Asked this week about a possible reversal, the organization’s executive director, Jenny Sedlis, said in an email, “When only a third of students in this state are performing on grade level, even without evaluations, we know that there’s ineffective teaching going on.”
A key fact the article neglects to mention: the passing grade on the test is not based on a percentage of students mastering a set of predetermined standards, it is determined by the setting of an arbitrary cut score. Cuomo’s reliance on tests to “prove” that “there’s ineffective teaching going on” put him in a box as more and more parents realized the tests were driving the joy out of their child’s schooling and the test results “proving” that school were “failing” were determined by state officials, not by their children’s performance on tests.
I keep hoping that someday someone in political office will stand up to this whole test-and-punish scheme and acknowledge that it is a failed policy. As noted in earlier posts, the reauthorization of ESEA was a golden opportunity for someone to step forward. Alas, we will have to wait for another decade or so to have the debate on testing.
Common Dreams blogger Deirdre Fulton reported yesterday on the good news from Jefferson County, Colorado: in a recall election to unseat three school board members backed by Americans for Prosperity, the Koch Brothers pro-privatization front organization that spent nearly $1,000,000 to retain their seats, the pro-public school parents won in a landslide: 64-36. One of the newly elected board members, Ron Mitchell, characterized the victory this way:
“We didn’t just win this—we slammed them. What an incredible thing: We the people pushed back against big money, pushed back against an agenda that was not good for our schools.”

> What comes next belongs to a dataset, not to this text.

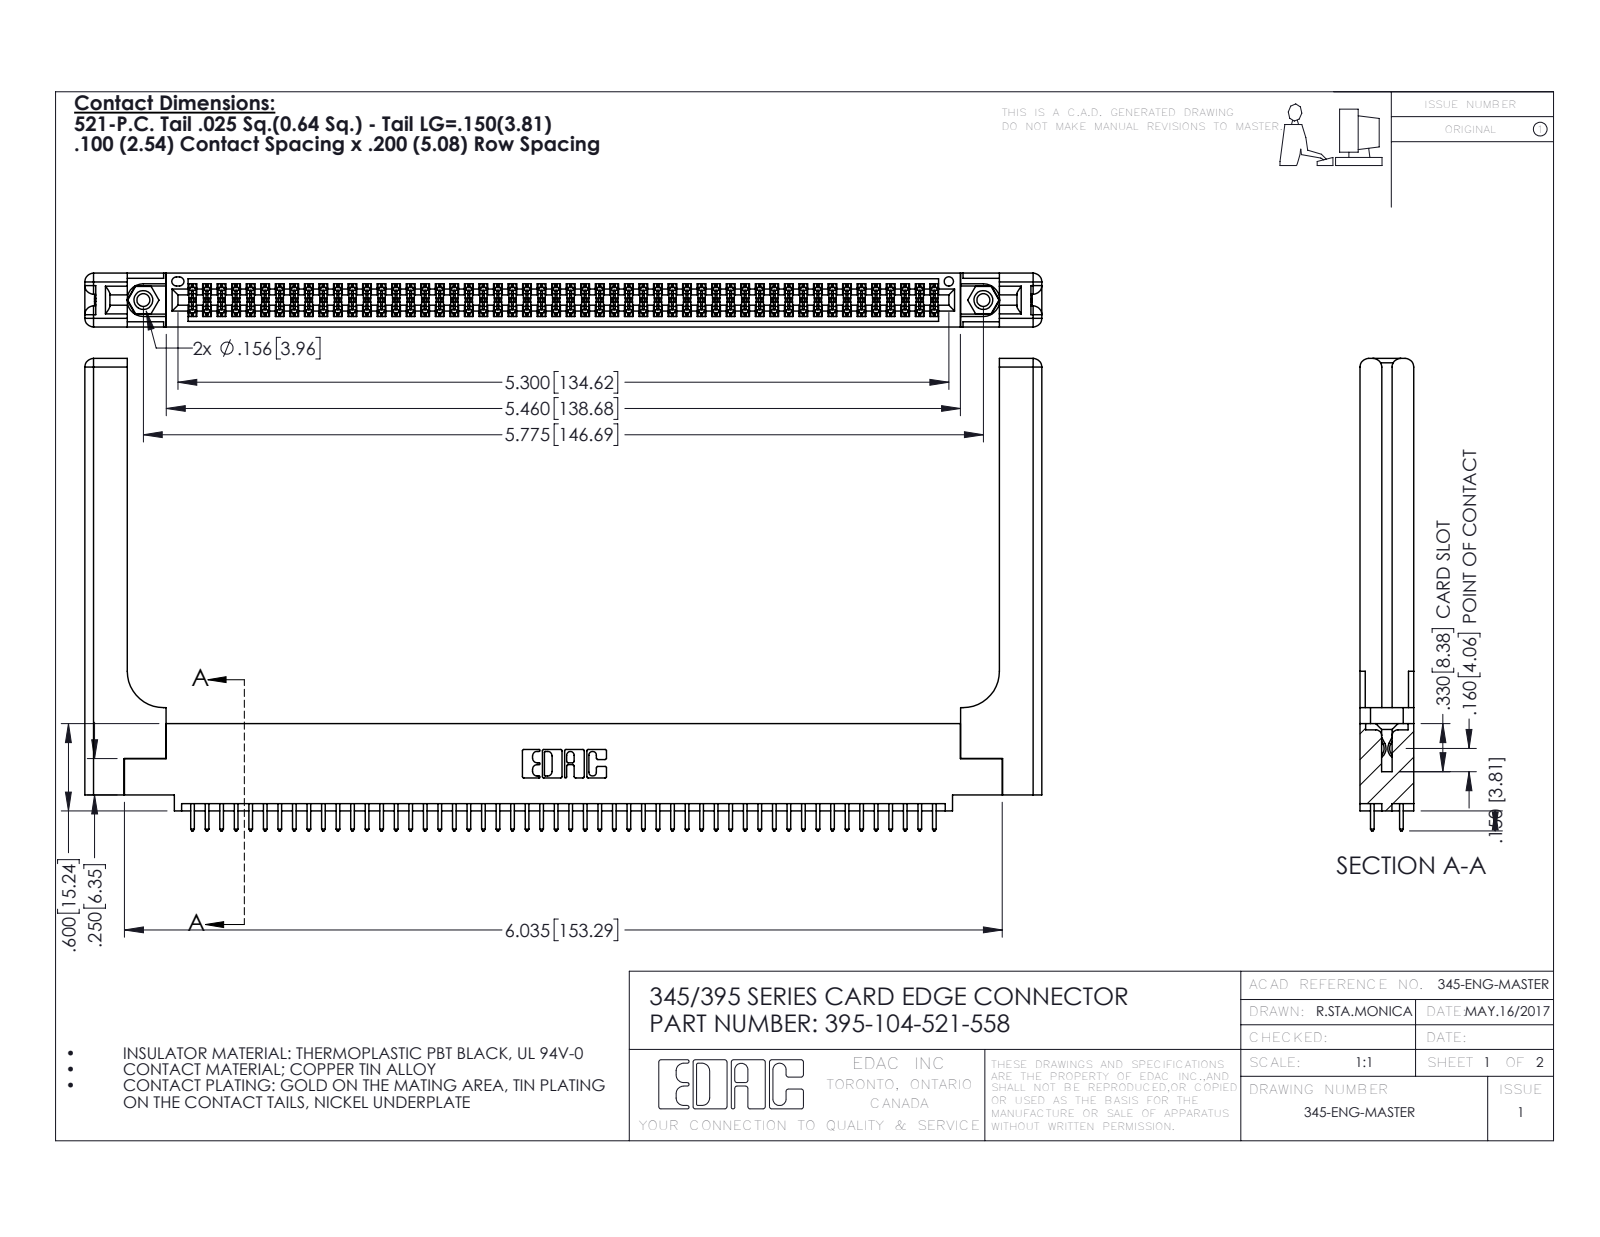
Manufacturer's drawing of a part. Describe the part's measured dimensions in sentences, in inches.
The part is named "345-220-058_345-220-058; 345 Part_0.110 Offset - 0.156 Dia-TH; 345-292-001_345-293-121; 395-104-521-558 (+1 more)". Its 3-D file was written by "SolidWorks 2016 (CONFIG_CONTROL_DESIGN)". It is 109 solids with 5586 faces: 3664 planar, 1862 cylindrical and 60 other. Overall it measures 6.579 by 3.247 by 0.37 inches. Its volume is 1.506 cubic inches and its surface area 45 square inches. Round holes: 2 of diameter 0.089, 2 of diameter 0.125, 2 of diameter 0.156, 1 of diameter 0.064. Round bosses or shafts: 2 of diameter 0.155. Partial cylindrical surfaces (rounded edges, fillets, slot ends): 156 of radius 0.006, 104 of radius 0.01, 22 of radius 0.01, 16 of radius 0.06, 6 of radius 0.007, 6 of radius 0.031, 3 of radius 0.026, 2 of radius 0.014. The main face-to-face distances are 0.072, 0.298, 0.37, 0.098, 0.272, 0.025, 0.2, 0.225, 0.148, 0.15. The hole center spacings are 0.27, 5.539, 5.775.
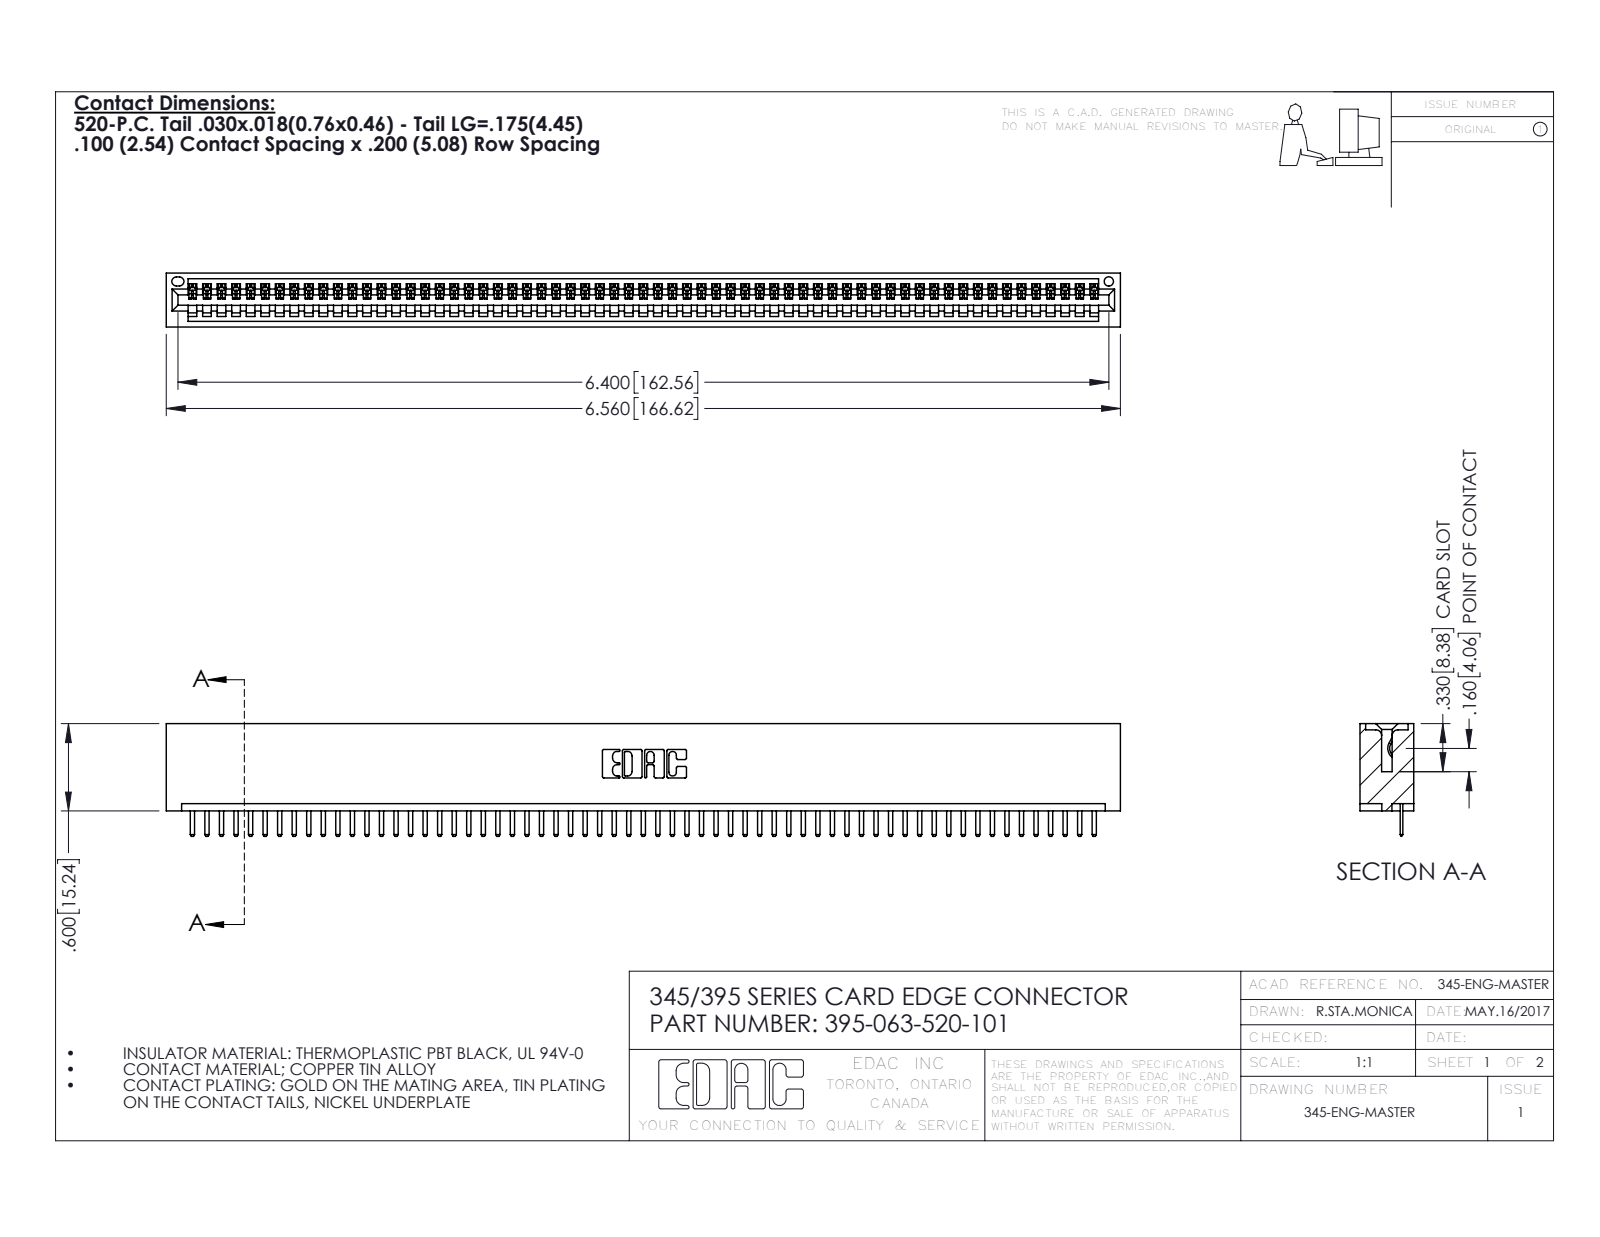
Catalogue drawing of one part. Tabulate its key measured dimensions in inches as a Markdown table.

And Fulton reported on more good news from Colorado:
Meanwhile, in nearby Douglas County, three incumbents— Kevin Larsen, Richard Robbins, and Craig Richardson—who claimed seats on that school board as part of a reform push several years ago lost their re-election bids. All three backed a controversial voucher program, a market-based employee-compensation system, and what the Post described as “a sidelining of the district’s teachers union.”
And in an election that was not on the national radar but was equally indicative of the public’s disgust over the kinds of “market-based” thinking of some school board members, a slate of pro-parent board members were elected in Reynoldsburg, Ohio.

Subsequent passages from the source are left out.